[Saved entries]
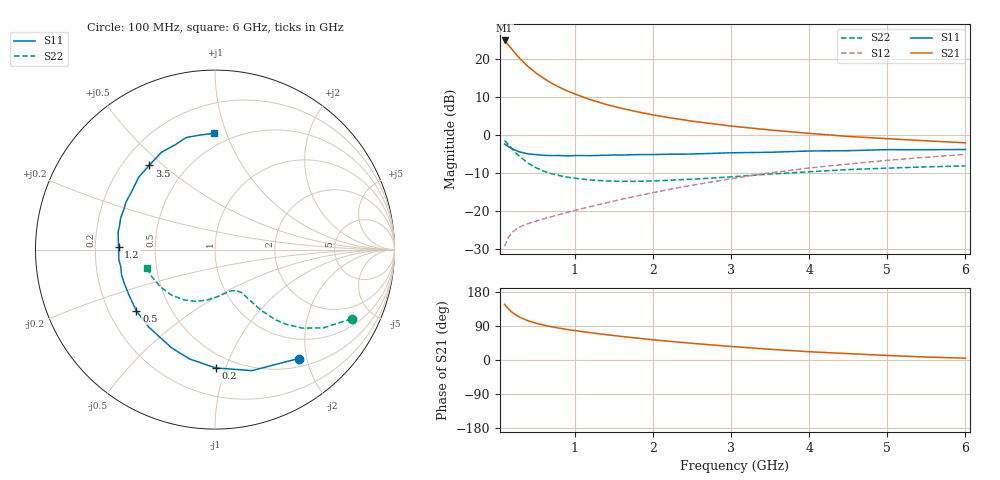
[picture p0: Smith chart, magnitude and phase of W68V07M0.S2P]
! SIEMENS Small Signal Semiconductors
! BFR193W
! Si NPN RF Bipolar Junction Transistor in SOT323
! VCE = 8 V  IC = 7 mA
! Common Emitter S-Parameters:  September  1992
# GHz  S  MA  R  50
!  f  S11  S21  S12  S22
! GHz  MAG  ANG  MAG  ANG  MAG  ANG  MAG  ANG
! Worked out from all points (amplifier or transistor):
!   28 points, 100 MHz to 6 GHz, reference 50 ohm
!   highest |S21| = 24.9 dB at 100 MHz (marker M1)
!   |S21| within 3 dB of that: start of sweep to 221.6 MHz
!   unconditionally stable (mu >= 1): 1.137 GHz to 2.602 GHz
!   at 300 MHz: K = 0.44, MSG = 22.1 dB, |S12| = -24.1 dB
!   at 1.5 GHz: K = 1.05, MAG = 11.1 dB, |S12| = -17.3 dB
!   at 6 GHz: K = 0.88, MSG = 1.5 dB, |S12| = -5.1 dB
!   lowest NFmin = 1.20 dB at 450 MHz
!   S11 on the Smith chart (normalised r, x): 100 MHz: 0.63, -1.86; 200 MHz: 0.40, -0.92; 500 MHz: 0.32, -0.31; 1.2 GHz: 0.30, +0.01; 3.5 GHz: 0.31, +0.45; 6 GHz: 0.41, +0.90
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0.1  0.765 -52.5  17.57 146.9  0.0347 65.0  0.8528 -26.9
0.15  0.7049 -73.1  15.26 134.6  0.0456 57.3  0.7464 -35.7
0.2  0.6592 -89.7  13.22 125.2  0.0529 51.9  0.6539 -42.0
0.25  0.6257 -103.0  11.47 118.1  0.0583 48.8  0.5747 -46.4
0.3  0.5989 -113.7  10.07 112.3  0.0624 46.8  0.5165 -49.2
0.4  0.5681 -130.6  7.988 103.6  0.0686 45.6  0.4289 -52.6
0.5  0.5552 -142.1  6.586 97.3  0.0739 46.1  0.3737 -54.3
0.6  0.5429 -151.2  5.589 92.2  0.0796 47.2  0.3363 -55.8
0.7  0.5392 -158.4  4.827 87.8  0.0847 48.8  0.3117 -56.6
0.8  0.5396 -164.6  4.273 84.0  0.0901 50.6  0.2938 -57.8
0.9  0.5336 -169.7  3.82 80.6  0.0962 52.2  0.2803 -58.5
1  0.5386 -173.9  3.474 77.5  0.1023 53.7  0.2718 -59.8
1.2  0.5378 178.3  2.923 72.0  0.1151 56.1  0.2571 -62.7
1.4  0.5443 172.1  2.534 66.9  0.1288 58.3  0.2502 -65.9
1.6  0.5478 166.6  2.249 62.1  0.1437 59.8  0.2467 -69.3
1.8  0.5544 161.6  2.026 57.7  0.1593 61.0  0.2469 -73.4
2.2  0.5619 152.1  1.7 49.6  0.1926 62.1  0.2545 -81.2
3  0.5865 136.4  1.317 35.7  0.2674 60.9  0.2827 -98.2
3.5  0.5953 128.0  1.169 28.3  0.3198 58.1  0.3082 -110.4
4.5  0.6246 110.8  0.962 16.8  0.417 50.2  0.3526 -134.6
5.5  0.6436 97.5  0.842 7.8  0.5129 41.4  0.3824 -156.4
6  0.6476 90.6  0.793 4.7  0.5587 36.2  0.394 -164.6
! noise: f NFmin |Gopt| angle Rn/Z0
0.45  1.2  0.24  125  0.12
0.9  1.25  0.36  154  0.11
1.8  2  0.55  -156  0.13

= Requirement =
Out of the data above, return each line where the word "chart" can be found.

= Answer to this exercise =
[picture p0: Smith chart, magnitude and phase of W68V07M0.S2P]
!   S11 on the Smith chart (normalised r, x): 100 MHz: 0.63, -1.86; 200 MHz: 0.40, -0.92; 500 MHz: 0.32, -0.31; 1.2 GHz: 0.30, +0.01; 3.5 GHz: 0.31, +0.45; 6 GHz: 0.41, +0.90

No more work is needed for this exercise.